Task to carry out.
Only the number is wanted: how many lines of these entries contain the word "units"?
◆ ◆ ◆ ◆ ◆ ◆ ◆
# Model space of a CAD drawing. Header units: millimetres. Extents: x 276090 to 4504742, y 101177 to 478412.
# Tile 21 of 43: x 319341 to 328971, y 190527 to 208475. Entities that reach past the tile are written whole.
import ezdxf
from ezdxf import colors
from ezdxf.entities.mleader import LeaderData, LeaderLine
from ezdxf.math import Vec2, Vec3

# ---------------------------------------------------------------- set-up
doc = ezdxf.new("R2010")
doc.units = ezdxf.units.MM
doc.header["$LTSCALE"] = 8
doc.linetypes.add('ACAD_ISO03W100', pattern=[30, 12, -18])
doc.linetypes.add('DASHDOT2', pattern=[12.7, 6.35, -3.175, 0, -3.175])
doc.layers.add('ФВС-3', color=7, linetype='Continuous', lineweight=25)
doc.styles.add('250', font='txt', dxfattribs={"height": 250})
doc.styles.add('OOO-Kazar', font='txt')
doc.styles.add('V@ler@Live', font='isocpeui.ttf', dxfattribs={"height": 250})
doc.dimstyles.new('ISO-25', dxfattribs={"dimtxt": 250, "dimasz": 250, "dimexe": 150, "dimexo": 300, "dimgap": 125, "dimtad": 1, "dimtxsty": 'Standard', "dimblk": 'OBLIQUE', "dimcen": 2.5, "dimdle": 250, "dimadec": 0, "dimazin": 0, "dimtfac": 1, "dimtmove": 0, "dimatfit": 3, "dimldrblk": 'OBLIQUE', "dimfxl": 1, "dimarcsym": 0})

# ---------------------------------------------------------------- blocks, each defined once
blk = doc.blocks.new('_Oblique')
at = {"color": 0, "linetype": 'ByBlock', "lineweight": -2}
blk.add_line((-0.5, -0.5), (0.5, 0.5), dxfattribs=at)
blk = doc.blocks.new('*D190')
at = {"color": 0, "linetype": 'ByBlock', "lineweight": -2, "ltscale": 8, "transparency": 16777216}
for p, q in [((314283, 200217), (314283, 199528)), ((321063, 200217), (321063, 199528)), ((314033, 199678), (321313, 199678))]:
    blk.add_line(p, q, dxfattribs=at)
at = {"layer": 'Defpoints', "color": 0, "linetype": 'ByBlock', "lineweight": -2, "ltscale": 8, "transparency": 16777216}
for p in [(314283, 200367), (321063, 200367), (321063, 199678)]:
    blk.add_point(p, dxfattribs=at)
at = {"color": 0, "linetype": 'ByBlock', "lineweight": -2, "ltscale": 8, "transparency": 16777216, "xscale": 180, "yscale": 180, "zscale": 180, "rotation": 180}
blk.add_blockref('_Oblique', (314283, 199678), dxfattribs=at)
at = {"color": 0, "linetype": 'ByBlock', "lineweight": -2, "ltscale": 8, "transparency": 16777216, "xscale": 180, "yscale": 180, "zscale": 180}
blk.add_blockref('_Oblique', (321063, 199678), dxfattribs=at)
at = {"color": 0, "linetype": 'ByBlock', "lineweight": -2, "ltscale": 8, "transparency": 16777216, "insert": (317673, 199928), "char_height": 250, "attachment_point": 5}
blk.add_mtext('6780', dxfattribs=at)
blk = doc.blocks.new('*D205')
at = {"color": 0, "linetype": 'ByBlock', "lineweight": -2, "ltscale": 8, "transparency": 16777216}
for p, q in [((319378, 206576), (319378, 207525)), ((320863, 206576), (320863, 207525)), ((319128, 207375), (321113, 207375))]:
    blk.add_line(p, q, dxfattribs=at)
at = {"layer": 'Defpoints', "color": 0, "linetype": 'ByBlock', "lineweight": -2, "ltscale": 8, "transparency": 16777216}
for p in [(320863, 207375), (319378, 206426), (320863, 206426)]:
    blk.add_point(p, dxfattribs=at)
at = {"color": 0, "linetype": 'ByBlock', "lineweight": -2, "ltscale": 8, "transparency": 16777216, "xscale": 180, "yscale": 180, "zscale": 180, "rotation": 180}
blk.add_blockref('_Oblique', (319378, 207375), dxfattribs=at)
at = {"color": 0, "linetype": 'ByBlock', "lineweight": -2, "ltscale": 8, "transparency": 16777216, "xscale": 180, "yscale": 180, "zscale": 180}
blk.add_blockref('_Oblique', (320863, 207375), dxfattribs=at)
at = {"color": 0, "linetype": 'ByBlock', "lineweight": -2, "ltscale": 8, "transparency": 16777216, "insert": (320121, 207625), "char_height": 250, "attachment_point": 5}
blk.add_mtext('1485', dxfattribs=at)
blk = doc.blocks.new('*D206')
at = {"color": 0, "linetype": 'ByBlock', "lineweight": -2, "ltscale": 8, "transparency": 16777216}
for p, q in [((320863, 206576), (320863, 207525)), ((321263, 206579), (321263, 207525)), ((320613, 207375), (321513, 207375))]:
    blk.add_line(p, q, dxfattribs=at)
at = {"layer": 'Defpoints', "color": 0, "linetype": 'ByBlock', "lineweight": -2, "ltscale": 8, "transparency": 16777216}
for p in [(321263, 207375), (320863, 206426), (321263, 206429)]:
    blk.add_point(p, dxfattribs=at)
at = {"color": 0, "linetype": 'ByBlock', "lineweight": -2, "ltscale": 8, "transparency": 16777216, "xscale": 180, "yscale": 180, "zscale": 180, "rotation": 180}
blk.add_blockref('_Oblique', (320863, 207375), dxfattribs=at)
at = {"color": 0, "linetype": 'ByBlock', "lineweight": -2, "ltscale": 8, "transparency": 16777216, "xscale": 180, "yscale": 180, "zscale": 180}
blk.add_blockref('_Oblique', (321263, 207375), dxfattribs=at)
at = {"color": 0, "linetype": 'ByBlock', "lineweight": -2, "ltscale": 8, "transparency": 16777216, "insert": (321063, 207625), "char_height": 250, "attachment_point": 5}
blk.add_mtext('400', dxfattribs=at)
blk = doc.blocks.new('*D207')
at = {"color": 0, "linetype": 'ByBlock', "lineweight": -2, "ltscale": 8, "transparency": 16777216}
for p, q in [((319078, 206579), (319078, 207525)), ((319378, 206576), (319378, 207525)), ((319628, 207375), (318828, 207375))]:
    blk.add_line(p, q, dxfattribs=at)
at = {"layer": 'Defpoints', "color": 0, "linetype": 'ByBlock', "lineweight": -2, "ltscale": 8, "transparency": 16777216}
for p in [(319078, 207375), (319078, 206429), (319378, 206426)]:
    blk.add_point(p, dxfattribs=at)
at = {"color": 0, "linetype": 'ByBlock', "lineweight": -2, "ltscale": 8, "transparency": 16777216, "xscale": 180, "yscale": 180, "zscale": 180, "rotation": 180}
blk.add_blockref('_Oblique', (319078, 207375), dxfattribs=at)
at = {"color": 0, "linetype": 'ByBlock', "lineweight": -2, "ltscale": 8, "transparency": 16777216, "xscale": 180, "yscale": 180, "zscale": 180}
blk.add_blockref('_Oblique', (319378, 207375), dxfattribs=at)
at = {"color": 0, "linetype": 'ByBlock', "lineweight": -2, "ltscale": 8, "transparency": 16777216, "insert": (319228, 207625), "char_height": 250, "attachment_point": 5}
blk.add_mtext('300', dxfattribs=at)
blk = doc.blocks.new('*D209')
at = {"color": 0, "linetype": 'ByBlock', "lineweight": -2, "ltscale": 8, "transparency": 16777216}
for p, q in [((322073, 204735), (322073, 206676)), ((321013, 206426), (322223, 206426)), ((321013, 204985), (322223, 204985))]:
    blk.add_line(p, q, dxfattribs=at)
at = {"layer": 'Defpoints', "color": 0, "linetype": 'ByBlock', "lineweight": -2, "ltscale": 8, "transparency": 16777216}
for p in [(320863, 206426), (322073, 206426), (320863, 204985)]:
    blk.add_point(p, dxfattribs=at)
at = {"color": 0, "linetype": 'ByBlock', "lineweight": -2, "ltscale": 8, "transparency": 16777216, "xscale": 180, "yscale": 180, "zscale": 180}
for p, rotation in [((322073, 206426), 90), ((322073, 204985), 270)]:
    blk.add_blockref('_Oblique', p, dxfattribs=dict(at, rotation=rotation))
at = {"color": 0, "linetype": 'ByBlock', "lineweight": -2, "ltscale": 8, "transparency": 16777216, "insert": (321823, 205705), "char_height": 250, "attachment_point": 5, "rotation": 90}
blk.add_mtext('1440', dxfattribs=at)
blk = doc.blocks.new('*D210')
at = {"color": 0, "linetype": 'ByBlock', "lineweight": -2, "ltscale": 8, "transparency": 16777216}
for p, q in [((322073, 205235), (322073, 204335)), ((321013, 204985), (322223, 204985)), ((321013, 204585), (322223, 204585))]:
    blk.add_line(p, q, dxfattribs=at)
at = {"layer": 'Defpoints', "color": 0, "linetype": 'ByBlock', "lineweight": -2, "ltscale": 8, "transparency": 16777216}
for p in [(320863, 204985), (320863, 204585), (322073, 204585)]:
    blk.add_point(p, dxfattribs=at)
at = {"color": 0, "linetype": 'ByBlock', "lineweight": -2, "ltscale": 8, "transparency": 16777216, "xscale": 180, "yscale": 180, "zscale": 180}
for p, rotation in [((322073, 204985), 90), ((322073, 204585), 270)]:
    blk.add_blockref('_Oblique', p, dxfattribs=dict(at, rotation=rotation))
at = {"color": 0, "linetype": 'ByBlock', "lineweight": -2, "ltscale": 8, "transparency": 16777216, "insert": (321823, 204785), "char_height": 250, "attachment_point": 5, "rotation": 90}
◆ ◆ ◆ ◆ ◆ ◆ ◆
The answer.
2